What I do know, however, is that no tyre problem was reported on that aircraft.
What I do imagine is that Continental would have seeked to prove it was not Concorde rubber on the strip. I'm not aware they did that (nor try to). Are you?


Originally Posted by Lyman
To slash the sidewall of tyre number two is counterintuitive, since it presupposes that the Titanium strip was airborne before hitting the lead tyre.
Huh? Where does that come from? The transverse cut is on the tread of the tyre. The strip was not magically airborne. The tyre from wheel #2 (i.e. front right tyre of the left hand main landing gear) rolled on the strip, and was cut.
See also §1.16.5 "Tyre destruction Mechanism" with experimentations conducted (pictures provided, there too).

Originally Posted by Lyman
Looking at the photo of Tyre 2, one notices the complete lack of siping on the tire's carcass.
I fail to notice that. Quite the contrary, in fact. Tyre 2 was not new (37 cycles old). But it doesn't show a complete lack of siping either. Comparing to picture 4, page 25, or pictures 48, 49 and 50, pages 99 & 102 makes me say: "it looks normal, from the siping PoV".
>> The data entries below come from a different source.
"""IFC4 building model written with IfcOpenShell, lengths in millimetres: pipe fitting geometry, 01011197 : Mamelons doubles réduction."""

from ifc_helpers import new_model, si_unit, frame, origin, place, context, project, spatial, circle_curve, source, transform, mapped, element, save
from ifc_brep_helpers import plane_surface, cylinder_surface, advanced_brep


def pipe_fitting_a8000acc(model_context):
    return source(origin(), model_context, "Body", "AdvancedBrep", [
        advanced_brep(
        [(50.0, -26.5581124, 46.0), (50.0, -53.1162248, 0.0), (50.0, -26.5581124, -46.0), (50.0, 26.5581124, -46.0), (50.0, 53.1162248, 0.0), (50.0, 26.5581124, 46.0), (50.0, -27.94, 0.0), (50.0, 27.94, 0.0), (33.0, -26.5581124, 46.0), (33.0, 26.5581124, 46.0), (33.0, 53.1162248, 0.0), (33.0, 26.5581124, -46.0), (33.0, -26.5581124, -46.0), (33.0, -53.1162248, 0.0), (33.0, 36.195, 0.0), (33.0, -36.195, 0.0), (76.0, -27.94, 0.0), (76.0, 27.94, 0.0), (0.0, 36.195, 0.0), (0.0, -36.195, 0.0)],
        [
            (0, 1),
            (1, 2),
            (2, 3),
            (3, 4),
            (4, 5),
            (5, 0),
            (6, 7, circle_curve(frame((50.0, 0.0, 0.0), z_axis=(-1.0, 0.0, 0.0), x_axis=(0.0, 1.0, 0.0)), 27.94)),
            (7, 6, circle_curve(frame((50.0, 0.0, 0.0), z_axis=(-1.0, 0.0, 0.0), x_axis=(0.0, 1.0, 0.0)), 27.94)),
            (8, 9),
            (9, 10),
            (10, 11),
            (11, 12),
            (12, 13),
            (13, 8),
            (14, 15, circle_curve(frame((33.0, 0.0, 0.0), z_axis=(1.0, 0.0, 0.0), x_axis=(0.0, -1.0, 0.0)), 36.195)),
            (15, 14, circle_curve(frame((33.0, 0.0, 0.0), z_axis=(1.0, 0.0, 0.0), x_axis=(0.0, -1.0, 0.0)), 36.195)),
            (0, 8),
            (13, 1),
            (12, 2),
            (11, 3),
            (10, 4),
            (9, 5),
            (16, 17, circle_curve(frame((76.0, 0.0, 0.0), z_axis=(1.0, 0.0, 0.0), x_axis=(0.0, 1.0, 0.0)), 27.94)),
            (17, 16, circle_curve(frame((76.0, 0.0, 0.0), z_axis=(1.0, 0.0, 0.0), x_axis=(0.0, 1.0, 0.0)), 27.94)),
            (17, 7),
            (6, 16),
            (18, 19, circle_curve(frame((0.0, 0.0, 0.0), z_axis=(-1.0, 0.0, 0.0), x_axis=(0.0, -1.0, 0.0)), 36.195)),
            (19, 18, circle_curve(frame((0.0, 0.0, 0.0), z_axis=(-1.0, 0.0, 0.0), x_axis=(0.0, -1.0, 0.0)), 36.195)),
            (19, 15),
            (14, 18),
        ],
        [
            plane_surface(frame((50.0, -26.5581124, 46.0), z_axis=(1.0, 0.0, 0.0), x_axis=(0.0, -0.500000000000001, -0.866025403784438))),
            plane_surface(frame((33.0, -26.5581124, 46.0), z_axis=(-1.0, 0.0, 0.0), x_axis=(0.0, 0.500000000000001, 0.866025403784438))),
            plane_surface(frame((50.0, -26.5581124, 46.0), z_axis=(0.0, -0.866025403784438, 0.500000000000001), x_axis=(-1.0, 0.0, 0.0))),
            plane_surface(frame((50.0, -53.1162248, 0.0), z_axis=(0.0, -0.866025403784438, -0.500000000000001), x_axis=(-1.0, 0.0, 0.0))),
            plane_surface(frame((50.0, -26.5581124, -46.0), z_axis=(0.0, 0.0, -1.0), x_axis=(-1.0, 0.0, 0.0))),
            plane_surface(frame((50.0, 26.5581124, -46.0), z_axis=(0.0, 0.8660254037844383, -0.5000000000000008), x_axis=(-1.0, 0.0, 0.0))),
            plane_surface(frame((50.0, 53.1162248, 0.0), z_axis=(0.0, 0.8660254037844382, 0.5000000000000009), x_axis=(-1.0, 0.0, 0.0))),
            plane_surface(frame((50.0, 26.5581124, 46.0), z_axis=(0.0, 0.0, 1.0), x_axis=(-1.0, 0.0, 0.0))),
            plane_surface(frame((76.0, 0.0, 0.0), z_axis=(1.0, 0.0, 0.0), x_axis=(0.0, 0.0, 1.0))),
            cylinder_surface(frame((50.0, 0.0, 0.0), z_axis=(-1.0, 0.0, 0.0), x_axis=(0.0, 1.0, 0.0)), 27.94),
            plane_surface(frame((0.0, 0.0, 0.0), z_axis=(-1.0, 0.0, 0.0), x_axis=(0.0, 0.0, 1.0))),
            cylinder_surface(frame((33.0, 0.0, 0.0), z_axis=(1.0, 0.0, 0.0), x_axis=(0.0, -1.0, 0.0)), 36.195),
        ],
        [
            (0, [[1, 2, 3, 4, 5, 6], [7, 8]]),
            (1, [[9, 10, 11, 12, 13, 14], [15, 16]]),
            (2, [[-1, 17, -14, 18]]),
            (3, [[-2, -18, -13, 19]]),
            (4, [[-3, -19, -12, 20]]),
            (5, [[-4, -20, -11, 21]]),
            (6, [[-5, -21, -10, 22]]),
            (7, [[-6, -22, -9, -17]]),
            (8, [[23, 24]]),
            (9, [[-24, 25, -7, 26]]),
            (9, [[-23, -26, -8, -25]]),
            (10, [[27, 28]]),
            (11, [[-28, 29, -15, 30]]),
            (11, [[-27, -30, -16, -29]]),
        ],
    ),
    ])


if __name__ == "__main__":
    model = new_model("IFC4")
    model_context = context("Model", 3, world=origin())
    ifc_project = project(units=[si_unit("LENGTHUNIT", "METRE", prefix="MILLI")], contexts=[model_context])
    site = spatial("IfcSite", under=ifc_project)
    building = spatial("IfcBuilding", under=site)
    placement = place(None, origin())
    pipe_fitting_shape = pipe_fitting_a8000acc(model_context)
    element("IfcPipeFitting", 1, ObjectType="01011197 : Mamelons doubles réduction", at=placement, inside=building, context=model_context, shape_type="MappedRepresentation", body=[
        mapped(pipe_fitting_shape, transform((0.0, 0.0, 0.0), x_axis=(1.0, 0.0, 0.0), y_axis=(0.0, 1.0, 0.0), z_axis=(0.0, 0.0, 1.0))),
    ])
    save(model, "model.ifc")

Originally Posted by Lyman
A shop that wil leave a critical component of a truck on the shop floor may well refit a retread, in a "pinch".
Yeah, sure. What does that hypothesis imply? Nothing much: simply falsificate the papers about that tyre (date of purchase, date of installation on the plane), hide the invoices/workshop who did the retreading, and make false GoodYear invoices for new tyres.
Big bad Frenchies, huh?
Take care, in case AF or GoodYear decide a recent irish exemple is to be followed


Originally Posted by jcjeant
But "maybe" they had the right to examine at long .. other scrap metal .. etc ...
Weird ins't it ?
What's weird? Are you implying the BEA lied, and made falsificated material proofs? How is that even possible with the strip under the (too strict, we already covered that) control of the judicial that the AAIB, and you, and me did regret?
If you're going that way, well it's your choice. May I then adress to you the same piece of advice I just gave to Lyman?

Last edited by AlphaZuluRomeo; 10th Dec 2012 at 10:38.